The other participating authorities are Providence, North Providence, Newport, Smithfield, Warwick, Warren, Bristol and Lincoln. Together, they manage roughly 5,300 subsidized housing units.
Each signed up for the equivalent of roughly 85% of their annual energy usage, anticipating that they might use less energy in the future as they plan for greater efficiency, Coupe said.
“We didn’t want to buy credits we couldn’t use,” he said.
And if the energy usage of participating authorities changes in coming years, the credits can be shifted as needed, he said.

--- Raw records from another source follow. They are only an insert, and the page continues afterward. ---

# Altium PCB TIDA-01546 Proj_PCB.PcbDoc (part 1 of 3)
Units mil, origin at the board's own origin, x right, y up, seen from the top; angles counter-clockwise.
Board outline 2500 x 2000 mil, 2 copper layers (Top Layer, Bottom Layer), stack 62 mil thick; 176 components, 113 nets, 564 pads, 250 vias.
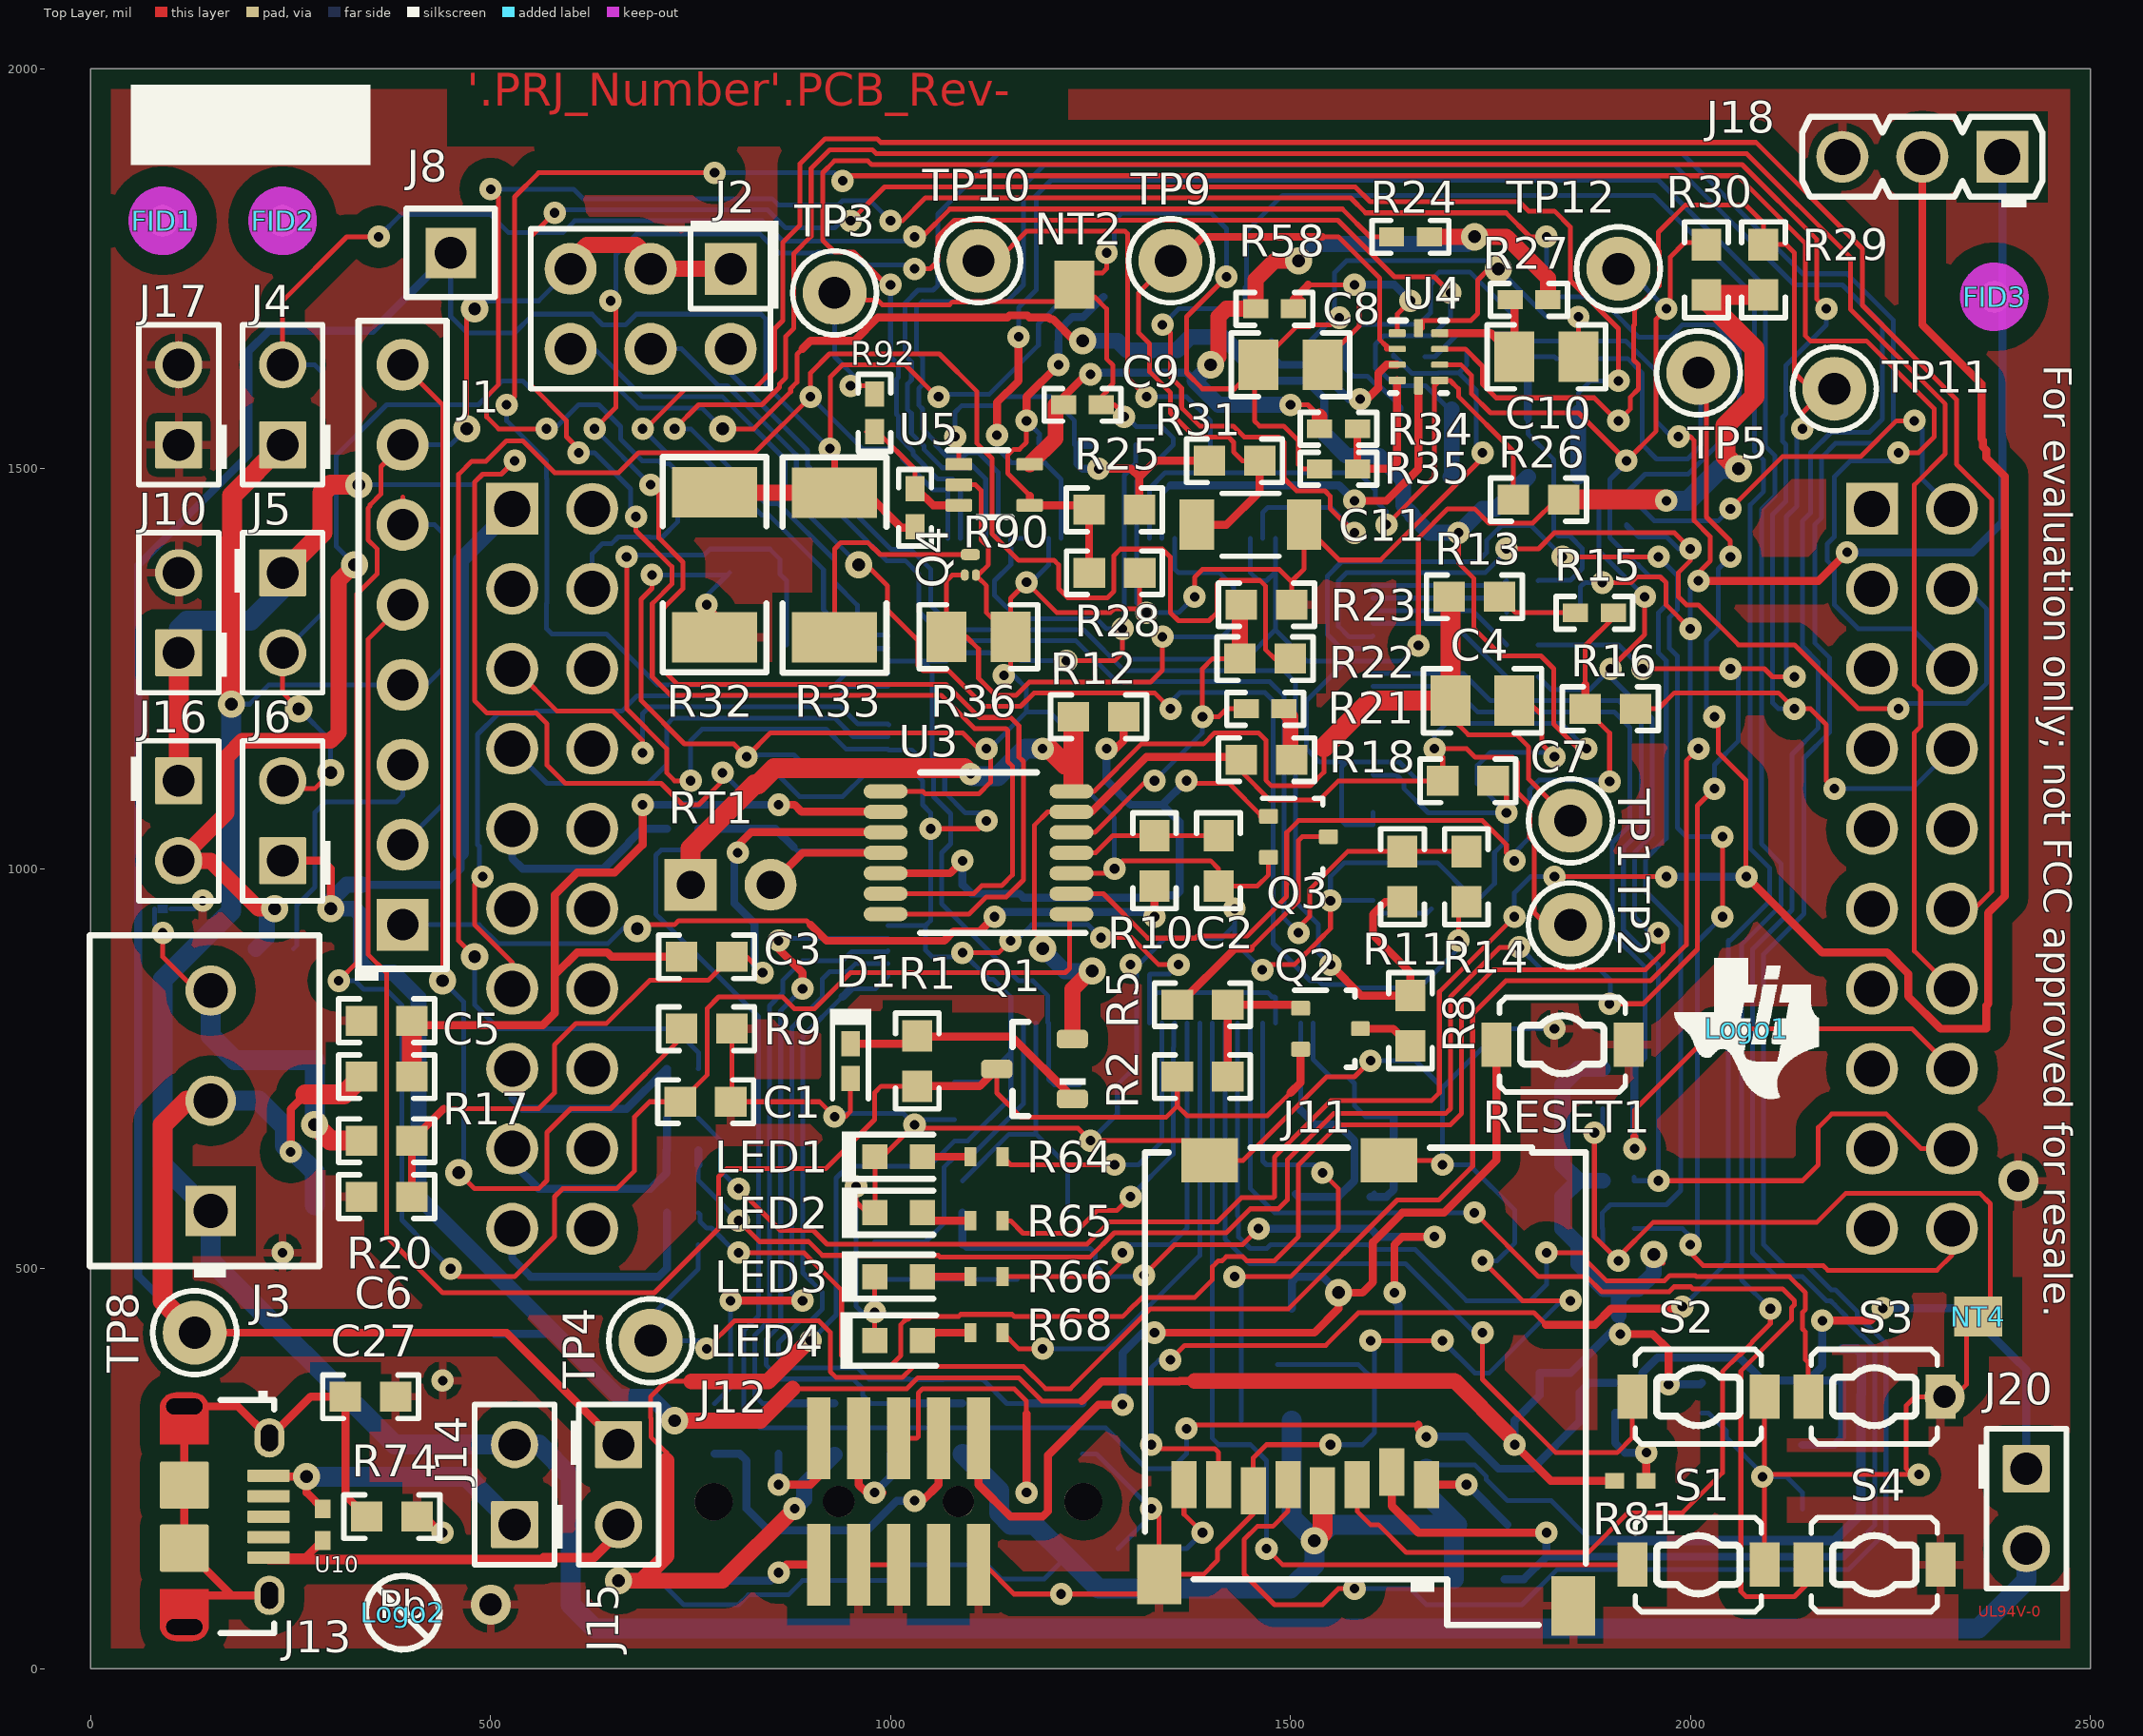
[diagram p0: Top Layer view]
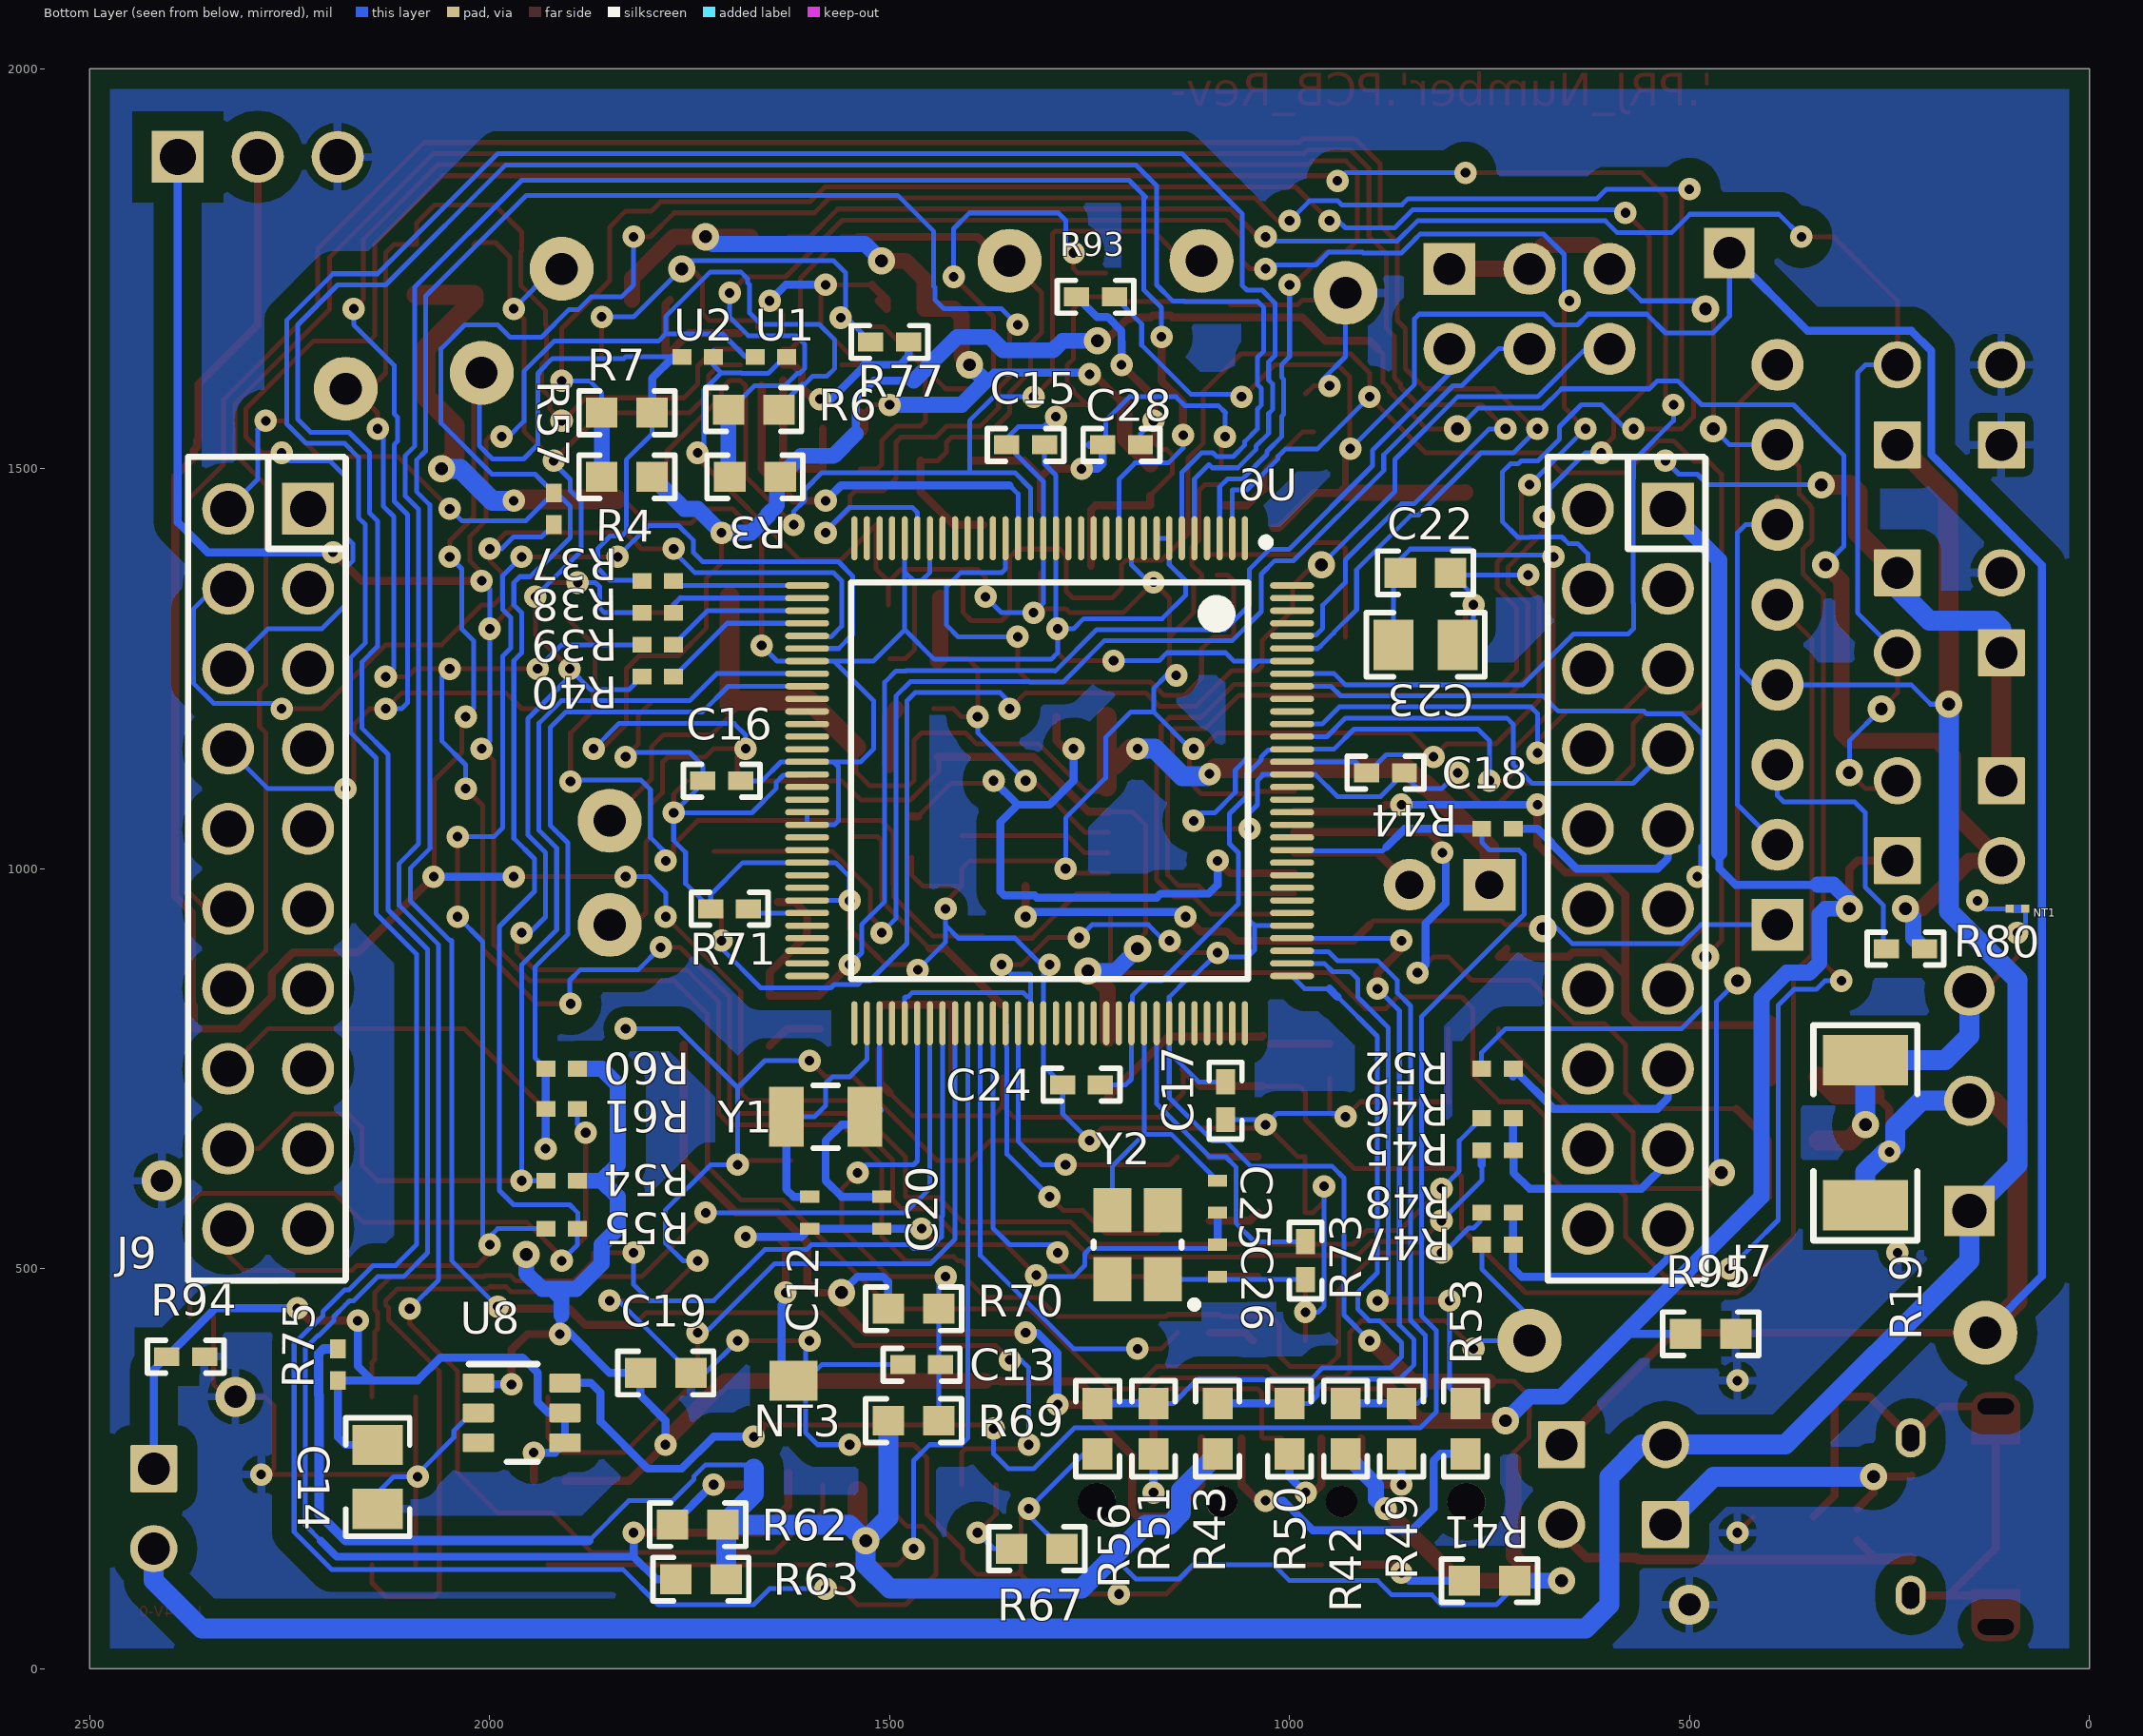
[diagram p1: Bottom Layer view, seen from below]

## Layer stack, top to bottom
Top Solder: solder mask 0.4, Solder Resist, Dk 3.5
Top Layer: signal copper 1.4
Dielectric1: core 59.2, FR-4, Dk 4.8
Bottom Layer: signal copper 1.4
Bottom Solder: solder mask 0.4, Solder Resist, Dk 3.5

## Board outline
0,0 2500,0 2500,2000 0,2000

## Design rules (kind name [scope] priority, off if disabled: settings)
AcuteAngle [All] p1: minimum=4.50000000000000E+0001 checktracksonly=FALSE
AssemblyTestPointUsage [All] p1: valid=2
BoardOutlineClearance BoardOutlineClearance_MountingHoles [OnCopper and InComponentClass('Mounting Holes')] p1: gap=40
BoardOutlineClearance BoardOutlineClearance_Poly [OnCopper and IsPoly] p2: gap=25
BoardOutlineClearance [OnCopper and Not InComponentClass('Logo') and not InComponentClass('FiducialMark') and not InRegion(1000,500,4000,800) and not InPoly] p3: gap=75 except(30: Arc-OutlineEdge Track-OutlineEdge SMDPad-OutlineEdge THPad-OutlineEdge Via-OutlineEdge Fill-OutlineEdge Poly-OutlineEdge Region-OutlineEdge Text-OutlineEdge)
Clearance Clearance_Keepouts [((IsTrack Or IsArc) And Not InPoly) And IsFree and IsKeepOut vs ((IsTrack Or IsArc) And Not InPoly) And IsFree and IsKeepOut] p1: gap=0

The deal was two years in the making, said Alexey Cherniack, principal analyst with SourceOne, an energy consulting firm that is part of Veolia North America.
“It takes a while to get nine housing authorities aligned,” he said.
SourceOne has worked with the Public Housing Association of Rhode Island to help them manage their collective energy exposure for more than a decade. Up until now, the focus has primarily been on electricity and gas market volatilities, he said.
But “in New England especially, the focus has really shifted to looking at innovative ways to integrate renewable energy into procurement,” Cherniack said, “and remote net metering tends to be one of the more customer-friendly ways to do that.”
Rhode Island’s virtual net metering program is focused on public entities — eligible customers include state agencies, municipalities, housing authorities, hospitals and public and private schools.
Structuring the program in that way helps ensure that solar gets built, “but that the financial benefits don’t primarily accrue to the private sector and the development community,” Cherniack said.
The Public Housing Association’s contract doesn’t present any future risk to the authorities, “as long as they continue to have electricity consumption,” he said.
The aggregated approach put forward by the association in its proposal was one of the more challenging aspects, said Jason Su, structuring manager for Nautilus.
“It requires a partnership between so many different entities, and these are separate legal entities with separate management and separate boards,” Su said. “All have different rules for approvals. And then they’re wrapped under HUD rules as well.”
Nautilus has put together housing authorities in combination with other customers on community solar projects elsewhere, but this is the first time they’ve worked with an entity that aggregated the authorities ahead of time and put out one request for proposals, said Eric LaMora, community solar director.
All three solar projects are still working their way through the permitting process. Construction is expected to begin early next year.
The Cranston Housing Authority is anticipating $130,000 in savings during the contract’s first year. That money will come in handy, Coupe said, as the authority’s buildings, which date to the 1960s and ‘70s, are in constant need of renovation.